Es sind in jeder Hinsicht heitere Spiele, völkerverbindend, frisch, fröhlich, frei. Da hat ein Land seine Lektion perfekt gelernt. Die Welt staunt über die Deutschen und die Deutschen über sich selbst. Jedes Detail, vom transparenten Zeltdach bis zum bunt gestreiften Maskottchendackel Waldi ist eine Antithese zu Hitlers großer Propagandashow 1936 in Berlin. Leni Riefenstahl wäre verzweifelt. Kein Lichtdom über dem Stadion. Kein Körperkult.

Der Star der Spiele ist ein amerikanischer Jude namens Mark Spitz, der sieben Mal zu Goldmedaillen schwimmt. Die Deutschen haben auch einiges zu bieten: ein Fräuleinwunder.

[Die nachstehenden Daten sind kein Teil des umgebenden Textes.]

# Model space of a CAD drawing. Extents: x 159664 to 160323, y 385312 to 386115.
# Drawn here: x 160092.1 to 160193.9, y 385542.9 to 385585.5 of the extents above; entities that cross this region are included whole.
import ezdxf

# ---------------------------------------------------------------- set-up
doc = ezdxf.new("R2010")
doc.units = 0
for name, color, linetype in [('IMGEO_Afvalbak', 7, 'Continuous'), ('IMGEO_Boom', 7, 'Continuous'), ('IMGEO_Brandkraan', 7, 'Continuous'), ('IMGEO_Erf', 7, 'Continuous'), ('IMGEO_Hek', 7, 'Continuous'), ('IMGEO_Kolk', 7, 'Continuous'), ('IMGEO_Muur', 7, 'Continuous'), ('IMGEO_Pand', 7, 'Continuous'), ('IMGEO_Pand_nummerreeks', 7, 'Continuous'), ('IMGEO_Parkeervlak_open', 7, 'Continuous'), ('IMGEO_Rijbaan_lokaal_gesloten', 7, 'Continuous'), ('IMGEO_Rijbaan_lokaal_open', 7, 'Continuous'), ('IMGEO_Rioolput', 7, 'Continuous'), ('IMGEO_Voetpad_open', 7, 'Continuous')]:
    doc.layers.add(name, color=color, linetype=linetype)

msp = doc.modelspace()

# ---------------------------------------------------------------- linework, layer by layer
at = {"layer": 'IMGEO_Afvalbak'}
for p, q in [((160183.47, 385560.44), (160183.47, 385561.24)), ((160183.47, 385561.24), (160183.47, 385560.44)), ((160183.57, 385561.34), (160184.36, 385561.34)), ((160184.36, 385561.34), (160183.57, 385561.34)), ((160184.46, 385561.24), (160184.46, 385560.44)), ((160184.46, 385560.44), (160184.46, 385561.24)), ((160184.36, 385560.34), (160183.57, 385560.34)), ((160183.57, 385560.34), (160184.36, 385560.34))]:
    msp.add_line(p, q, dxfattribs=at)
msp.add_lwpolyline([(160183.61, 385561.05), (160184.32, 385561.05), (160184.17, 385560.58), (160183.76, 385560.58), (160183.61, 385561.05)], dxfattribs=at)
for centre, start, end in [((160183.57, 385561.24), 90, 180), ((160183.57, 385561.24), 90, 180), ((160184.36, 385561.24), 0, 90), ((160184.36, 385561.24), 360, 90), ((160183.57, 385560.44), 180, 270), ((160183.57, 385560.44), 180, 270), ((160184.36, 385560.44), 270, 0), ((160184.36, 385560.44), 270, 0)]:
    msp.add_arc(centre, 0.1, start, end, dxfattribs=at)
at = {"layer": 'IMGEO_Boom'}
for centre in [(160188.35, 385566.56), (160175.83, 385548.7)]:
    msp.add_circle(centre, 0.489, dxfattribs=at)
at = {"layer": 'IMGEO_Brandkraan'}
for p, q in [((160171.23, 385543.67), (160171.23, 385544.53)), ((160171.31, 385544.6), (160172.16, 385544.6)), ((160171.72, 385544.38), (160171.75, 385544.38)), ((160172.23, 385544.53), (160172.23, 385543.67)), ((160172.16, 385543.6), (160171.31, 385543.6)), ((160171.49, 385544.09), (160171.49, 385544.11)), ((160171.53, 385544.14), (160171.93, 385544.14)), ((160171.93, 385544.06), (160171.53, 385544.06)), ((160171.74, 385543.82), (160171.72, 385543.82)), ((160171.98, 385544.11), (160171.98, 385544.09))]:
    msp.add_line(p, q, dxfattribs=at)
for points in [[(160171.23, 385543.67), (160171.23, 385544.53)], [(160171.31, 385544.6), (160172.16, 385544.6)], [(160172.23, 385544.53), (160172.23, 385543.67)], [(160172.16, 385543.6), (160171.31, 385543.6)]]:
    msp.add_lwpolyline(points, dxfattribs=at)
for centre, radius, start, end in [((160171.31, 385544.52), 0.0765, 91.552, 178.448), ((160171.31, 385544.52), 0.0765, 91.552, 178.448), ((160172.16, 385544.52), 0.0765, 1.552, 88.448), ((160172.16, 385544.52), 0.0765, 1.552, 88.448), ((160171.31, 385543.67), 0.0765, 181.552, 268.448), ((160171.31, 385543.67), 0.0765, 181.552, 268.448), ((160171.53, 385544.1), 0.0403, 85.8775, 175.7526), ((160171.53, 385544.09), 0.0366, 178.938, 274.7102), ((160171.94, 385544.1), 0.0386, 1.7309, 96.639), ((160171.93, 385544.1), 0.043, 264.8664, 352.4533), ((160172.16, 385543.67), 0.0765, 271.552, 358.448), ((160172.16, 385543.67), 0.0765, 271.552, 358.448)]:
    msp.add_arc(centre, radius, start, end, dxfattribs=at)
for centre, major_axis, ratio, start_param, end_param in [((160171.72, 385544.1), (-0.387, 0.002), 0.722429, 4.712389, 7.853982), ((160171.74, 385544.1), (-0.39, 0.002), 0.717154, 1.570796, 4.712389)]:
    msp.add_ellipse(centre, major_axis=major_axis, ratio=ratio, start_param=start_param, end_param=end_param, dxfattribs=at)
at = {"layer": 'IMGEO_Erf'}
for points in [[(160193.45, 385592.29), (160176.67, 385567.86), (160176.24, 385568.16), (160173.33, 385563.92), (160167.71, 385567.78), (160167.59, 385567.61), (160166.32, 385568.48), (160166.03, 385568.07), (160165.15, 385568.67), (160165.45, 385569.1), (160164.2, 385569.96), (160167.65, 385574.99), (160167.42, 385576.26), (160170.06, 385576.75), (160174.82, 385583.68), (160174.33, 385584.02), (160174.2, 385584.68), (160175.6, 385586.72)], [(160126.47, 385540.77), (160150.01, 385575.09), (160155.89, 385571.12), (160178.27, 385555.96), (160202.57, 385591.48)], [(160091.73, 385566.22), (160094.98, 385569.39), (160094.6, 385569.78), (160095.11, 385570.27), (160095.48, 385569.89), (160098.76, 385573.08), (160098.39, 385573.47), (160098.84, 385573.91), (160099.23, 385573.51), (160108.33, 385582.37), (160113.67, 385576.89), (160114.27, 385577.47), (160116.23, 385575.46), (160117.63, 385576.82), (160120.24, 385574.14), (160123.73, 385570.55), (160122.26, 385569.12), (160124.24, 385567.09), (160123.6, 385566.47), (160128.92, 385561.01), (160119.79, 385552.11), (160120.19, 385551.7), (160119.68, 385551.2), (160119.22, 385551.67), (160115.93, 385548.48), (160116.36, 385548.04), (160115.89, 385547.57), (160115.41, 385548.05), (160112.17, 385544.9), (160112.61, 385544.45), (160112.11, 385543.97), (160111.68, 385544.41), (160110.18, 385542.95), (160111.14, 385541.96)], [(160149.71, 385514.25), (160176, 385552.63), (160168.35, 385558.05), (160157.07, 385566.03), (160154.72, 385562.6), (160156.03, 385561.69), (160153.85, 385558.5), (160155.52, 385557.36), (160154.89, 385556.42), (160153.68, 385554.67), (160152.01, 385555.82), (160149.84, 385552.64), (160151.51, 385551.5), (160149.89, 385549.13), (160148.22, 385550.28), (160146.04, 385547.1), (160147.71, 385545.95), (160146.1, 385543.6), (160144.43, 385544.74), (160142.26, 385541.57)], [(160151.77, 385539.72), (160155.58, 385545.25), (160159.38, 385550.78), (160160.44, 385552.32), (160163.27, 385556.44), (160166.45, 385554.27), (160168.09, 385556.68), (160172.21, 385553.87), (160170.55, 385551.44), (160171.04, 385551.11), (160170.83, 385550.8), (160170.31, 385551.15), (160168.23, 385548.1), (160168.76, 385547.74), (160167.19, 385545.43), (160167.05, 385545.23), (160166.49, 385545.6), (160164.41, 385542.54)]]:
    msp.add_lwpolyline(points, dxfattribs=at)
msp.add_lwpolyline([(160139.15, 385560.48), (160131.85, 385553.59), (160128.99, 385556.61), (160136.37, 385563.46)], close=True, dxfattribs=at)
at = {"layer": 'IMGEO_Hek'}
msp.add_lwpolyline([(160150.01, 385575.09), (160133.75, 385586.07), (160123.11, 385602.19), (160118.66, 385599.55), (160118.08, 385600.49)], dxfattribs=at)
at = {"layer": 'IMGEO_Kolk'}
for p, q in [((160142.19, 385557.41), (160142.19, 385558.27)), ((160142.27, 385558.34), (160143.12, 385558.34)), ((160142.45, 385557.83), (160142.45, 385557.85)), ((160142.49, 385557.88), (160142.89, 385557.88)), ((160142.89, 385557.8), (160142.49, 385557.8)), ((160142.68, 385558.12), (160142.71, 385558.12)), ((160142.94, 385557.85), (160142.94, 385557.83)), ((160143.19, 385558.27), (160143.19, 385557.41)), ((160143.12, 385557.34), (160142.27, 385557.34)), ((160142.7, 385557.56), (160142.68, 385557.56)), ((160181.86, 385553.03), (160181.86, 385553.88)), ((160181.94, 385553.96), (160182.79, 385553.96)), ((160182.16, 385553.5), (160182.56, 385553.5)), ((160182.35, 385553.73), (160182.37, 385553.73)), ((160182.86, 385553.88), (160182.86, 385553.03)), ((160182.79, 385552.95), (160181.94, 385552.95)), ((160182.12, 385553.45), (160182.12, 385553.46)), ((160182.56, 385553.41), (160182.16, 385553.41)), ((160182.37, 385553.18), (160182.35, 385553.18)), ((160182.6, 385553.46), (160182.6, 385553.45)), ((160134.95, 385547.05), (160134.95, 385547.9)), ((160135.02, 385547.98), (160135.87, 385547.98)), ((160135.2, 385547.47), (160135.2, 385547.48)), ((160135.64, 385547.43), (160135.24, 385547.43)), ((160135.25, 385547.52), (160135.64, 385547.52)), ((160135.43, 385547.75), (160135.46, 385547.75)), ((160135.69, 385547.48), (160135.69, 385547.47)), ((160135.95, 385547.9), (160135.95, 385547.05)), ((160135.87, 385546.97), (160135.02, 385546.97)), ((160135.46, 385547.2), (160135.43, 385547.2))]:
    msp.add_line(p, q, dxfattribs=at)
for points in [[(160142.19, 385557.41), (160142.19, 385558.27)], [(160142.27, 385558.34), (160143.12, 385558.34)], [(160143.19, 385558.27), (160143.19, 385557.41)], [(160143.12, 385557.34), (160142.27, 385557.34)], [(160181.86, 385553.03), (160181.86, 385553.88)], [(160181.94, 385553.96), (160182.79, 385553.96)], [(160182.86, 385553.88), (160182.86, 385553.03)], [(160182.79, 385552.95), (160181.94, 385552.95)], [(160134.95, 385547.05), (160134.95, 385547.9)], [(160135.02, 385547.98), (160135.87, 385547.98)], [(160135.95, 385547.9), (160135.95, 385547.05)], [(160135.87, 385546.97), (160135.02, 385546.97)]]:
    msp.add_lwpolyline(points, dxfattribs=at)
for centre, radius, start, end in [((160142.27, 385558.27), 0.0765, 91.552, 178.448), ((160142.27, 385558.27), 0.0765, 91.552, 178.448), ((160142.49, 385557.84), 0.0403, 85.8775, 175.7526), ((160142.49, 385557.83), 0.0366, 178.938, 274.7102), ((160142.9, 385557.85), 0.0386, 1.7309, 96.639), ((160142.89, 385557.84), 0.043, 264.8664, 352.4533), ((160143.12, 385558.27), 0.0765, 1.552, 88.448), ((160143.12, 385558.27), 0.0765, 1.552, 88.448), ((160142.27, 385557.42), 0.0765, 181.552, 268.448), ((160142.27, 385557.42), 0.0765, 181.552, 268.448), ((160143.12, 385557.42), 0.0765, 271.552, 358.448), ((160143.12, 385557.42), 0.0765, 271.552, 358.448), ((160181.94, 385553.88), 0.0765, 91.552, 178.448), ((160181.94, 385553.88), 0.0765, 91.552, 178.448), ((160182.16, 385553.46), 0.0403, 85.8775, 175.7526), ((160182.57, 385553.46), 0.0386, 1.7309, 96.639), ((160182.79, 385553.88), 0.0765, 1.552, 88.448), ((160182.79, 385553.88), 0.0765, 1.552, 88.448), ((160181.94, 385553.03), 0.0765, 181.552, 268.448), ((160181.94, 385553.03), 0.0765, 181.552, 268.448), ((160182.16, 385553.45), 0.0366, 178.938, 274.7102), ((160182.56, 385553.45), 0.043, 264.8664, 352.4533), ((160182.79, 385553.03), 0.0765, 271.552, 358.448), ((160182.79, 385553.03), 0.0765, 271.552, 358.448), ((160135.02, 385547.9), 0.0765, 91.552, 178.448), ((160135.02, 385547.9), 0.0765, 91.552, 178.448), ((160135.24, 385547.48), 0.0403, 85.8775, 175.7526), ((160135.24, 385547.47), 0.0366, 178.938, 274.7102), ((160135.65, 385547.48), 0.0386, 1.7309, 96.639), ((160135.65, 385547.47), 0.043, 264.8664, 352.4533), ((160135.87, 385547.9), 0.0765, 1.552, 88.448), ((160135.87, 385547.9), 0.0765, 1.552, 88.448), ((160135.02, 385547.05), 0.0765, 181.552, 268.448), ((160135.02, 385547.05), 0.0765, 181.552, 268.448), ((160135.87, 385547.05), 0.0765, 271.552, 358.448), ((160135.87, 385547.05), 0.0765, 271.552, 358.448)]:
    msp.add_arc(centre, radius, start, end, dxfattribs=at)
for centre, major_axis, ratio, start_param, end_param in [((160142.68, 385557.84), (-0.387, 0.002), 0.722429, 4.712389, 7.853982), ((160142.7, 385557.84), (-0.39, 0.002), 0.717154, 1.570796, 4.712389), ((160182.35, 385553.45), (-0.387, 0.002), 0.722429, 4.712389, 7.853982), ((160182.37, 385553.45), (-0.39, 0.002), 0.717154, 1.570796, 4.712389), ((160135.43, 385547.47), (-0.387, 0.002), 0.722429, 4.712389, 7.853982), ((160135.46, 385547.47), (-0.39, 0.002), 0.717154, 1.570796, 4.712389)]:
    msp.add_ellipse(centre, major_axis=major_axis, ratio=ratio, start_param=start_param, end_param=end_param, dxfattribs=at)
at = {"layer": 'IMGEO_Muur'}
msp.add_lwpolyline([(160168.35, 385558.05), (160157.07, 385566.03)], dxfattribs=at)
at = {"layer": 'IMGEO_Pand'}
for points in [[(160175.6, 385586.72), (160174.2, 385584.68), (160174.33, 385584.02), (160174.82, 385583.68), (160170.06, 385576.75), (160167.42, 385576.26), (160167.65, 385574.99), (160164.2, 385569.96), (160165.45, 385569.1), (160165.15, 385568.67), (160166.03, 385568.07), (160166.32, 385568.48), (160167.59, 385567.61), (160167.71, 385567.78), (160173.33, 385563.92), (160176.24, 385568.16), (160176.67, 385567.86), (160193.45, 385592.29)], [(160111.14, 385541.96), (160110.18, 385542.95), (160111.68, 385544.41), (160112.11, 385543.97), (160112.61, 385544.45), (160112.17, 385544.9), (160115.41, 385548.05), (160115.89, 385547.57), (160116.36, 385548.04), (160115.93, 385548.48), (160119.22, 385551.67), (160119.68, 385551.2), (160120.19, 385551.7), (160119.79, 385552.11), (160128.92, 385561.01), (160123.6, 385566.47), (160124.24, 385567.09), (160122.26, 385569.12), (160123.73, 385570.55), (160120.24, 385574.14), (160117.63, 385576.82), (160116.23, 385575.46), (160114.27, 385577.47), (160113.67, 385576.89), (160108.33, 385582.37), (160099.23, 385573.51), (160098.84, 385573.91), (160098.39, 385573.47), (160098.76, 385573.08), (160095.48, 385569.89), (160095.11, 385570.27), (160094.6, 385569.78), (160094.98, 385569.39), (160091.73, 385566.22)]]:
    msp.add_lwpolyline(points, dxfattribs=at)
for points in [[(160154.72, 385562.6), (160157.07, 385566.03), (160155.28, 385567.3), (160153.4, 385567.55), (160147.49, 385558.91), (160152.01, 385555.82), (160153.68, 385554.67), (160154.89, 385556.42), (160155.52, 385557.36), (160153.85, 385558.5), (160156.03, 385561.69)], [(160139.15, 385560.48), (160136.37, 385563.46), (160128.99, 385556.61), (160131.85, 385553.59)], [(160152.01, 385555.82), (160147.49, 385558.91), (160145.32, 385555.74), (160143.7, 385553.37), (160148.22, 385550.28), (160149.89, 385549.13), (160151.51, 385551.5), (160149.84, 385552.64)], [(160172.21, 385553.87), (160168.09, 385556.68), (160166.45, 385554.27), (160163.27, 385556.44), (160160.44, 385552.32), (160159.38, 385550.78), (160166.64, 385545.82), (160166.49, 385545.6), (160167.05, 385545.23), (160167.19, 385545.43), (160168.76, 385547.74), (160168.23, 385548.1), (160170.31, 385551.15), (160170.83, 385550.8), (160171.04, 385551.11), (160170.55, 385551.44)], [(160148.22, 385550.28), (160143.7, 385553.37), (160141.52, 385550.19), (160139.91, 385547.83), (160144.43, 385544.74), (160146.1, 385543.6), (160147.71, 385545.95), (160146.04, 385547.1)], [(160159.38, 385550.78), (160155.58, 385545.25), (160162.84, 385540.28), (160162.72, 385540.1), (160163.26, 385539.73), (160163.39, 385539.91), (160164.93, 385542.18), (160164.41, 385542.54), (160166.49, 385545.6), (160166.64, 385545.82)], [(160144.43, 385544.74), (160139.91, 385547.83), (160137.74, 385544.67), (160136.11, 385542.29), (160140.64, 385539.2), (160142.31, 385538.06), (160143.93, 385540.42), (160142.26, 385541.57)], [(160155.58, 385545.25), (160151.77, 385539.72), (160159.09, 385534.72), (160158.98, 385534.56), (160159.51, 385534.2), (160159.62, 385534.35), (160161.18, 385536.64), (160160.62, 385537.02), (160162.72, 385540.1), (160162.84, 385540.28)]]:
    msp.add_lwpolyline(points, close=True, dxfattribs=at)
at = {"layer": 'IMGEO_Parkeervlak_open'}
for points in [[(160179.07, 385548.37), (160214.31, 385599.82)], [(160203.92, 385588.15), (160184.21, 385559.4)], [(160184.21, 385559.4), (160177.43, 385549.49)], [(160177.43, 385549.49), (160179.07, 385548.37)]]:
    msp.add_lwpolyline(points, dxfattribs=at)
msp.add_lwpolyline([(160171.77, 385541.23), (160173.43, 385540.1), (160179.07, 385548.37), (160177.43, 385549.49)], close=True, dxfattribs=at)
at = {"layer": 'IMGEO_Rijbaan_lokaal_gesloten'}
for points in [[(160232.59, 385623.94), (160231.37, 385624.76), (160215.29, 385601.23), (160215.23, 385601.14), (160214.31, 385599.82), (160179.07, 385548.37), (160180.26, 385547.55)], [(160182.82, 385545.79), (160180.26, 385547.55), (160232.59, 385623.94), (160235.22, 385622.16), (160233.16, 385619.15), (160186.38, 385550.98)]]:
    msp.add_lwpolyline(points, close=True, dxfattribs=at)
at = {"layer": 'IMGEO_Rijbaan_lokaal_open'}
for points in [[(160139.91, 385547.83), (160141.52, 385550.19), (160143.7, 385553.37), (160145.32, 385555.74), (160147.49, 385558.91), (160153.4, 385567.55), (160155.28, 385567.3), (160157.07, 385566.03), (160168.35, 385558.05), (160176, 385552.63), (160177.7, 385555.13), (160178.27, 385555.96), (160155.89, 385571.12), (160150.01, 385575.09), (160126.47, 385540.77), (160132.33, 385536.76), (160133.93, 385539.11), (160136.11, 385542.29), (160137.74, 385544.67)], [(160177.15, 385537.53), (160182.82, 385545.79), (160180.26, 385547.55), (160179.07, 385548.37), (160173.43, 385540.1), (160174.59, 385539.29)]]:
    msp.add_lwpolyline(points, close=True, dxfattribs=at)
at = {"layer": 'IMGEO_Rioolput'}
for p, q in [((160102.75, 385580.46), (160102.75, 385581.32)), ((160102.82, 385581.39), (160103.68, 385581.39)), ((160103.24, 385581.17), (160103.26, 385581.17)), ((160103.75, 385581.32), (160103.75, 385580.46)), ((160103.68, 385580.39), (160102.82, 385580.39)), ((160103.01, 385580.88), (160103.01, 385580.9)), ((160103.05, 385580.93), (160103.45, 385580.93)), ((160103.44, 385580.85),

Die unbeschwerte sechzehnjährige Ulrike Meyfarth stellt mit 1,92 im Hochsprung den Weltrekord ein und gewinnt als bisher jüngste Leichtathletin Gold.

München, einst Hauptstadt der Bewegung, bewegt nur noch die Herzen. Da sind Beamte in Uniform nicht erwünscht. Die 4000 Polizisten sind unbewaffnet und tragen modisches Himmelblau im Freizeitlook. Wer wird denn im Glückstaumel Böses denken? Am 26. August vor 50 Jahren werden die Olympischen Spiele eröffnet.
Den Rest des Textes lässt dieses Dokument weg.